Select, from the material below, each line with "inches" in it.
════
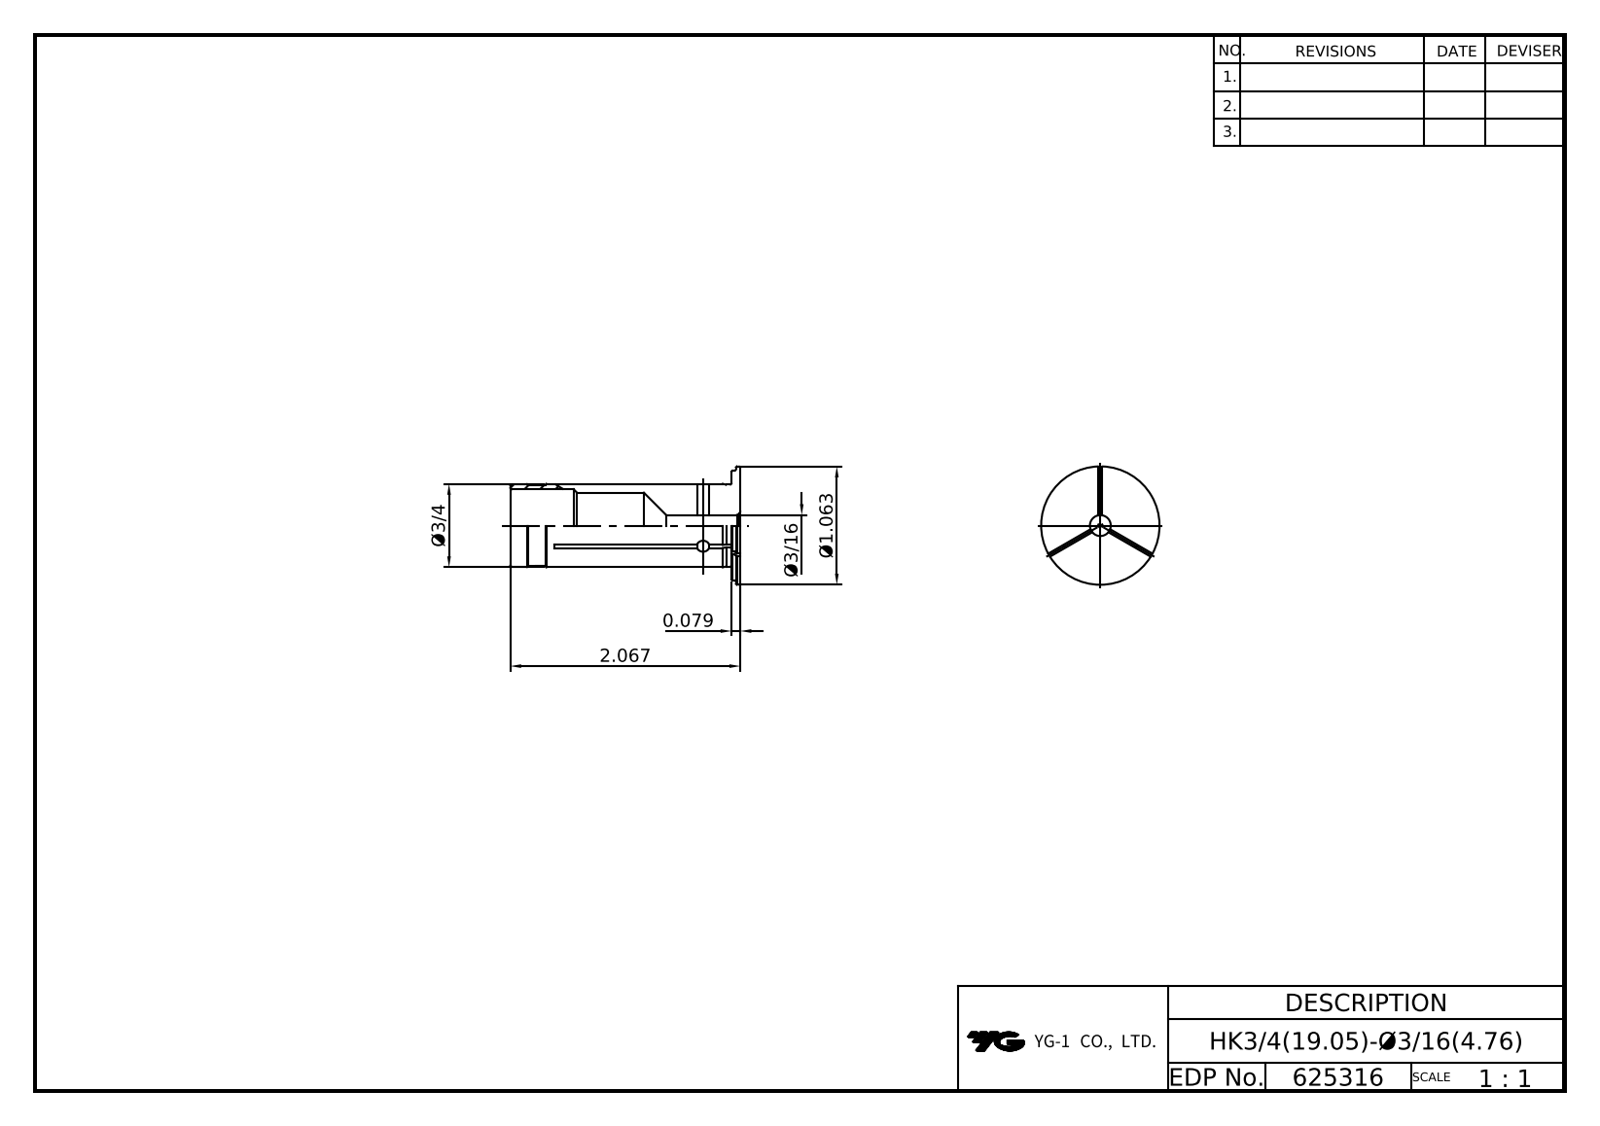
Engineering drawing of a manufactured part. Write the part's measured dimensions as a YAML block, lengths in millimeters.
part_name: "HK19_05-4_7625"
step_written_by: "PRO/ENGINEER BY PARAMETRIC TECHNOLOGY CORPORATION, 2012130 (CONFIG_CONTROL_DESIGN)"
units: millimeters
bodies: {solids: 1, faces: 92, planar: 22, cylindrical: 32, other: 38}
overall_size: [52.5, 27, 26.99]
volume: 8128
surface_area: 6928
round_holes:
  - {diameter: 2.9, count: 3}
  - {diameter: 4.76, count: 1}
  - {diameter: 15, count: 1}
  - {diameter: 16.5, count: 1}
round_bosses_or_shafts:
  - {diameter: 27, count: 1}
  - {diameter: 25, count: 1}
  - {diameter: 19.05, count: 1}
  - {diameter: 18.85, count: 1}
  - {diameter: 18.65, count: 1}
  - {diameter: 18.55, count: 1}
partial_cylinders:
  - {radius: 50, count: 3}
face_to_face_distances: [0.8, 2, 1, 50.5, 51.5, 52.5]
════
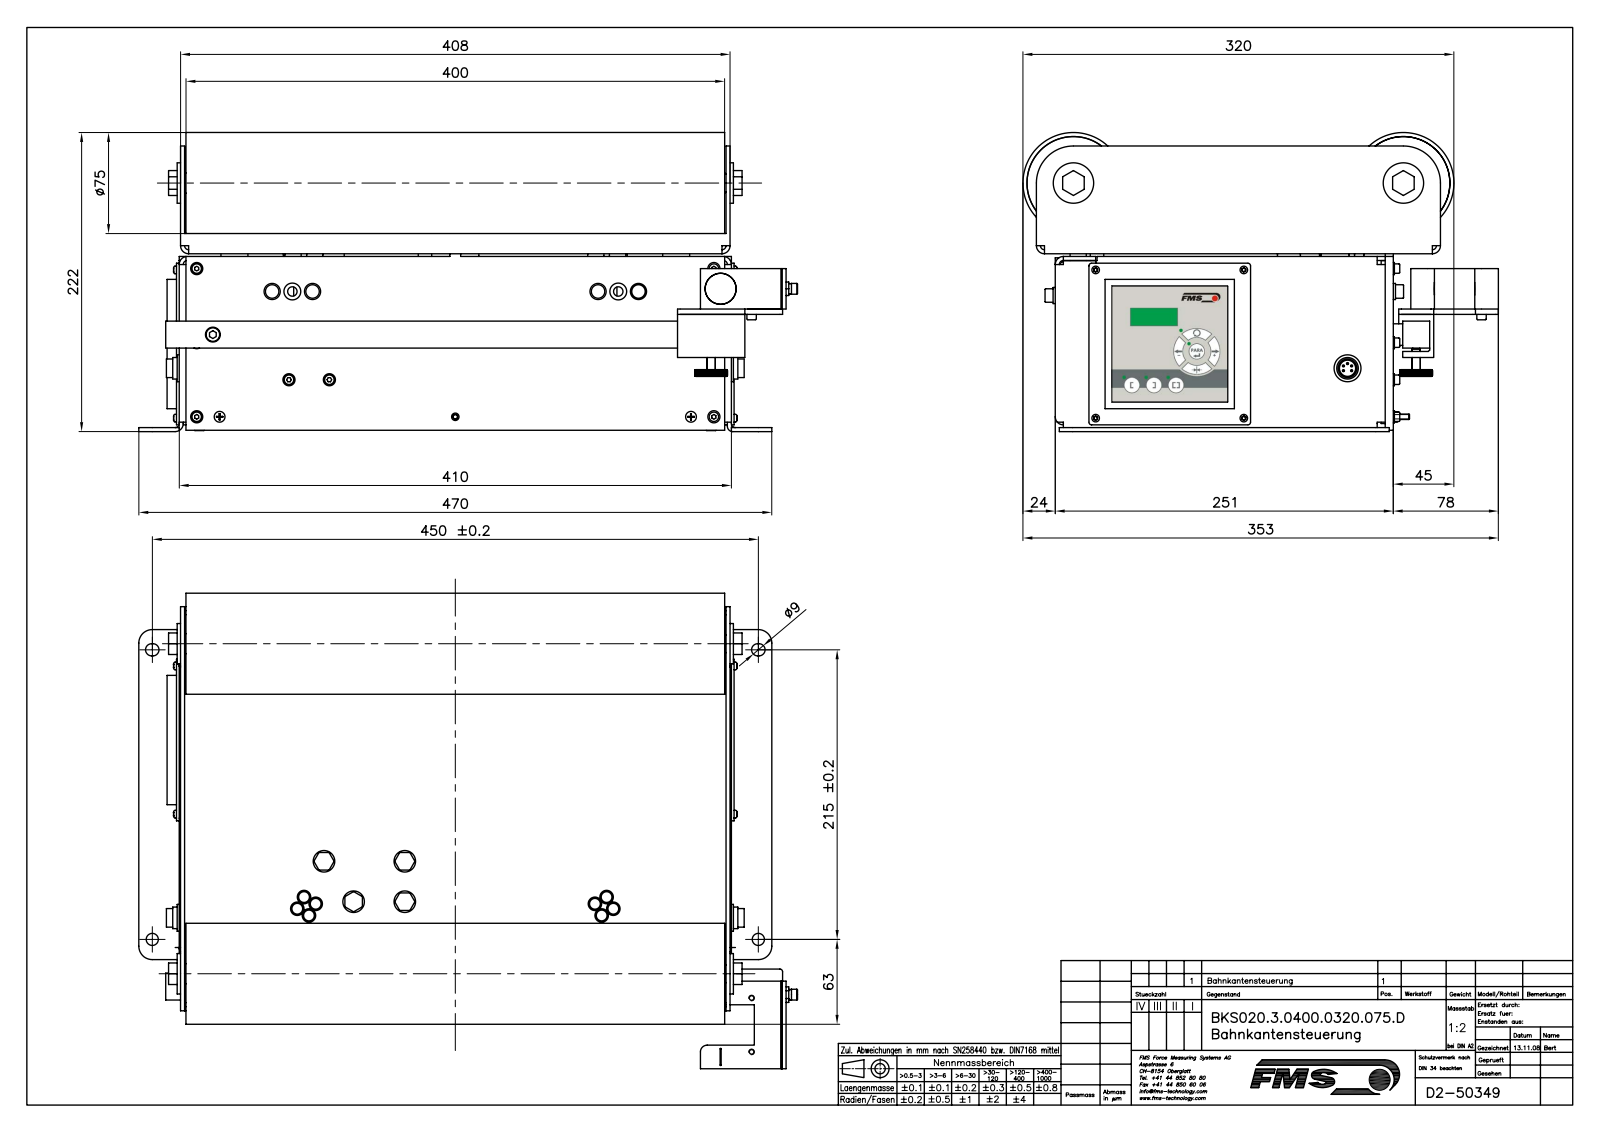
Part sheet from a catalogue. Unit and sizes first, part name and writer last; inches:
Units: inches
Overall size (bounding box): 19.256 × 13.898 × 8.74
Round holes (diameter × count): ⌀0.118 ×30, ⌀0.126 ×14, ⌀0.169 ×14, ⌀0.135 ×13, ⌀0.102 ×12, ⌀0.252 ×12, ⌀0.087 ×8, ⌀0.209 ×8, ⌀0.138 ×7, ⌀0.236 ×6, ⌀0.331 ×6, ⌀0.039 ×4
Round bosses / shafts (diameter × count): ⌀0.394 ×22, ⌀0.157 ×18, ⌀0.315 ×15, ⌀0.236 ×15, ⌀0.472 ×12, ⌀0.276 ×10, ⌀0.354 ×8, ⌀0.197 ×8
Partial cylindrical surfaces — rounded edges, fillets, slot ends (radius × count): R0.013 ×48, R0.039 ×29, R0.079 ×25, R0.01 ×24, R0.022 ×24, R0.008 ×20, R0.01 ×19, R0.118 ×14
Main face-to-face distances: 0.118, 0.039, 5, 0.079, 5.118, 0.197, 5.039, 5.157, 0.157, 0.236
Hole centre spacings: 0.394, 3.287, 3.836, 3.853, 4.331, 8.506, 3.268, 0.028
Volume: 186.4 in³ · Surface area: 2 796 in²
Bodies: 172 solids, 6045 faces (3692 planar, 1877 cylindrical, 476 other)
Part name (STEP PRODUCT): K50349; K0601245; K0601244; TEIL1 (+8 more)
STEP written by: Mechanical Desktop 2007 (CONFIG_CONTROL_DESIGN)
════
• Task response:
Part sheet from a catalogue. Unit and sizes first, part name and writer last; inches:
Units: inches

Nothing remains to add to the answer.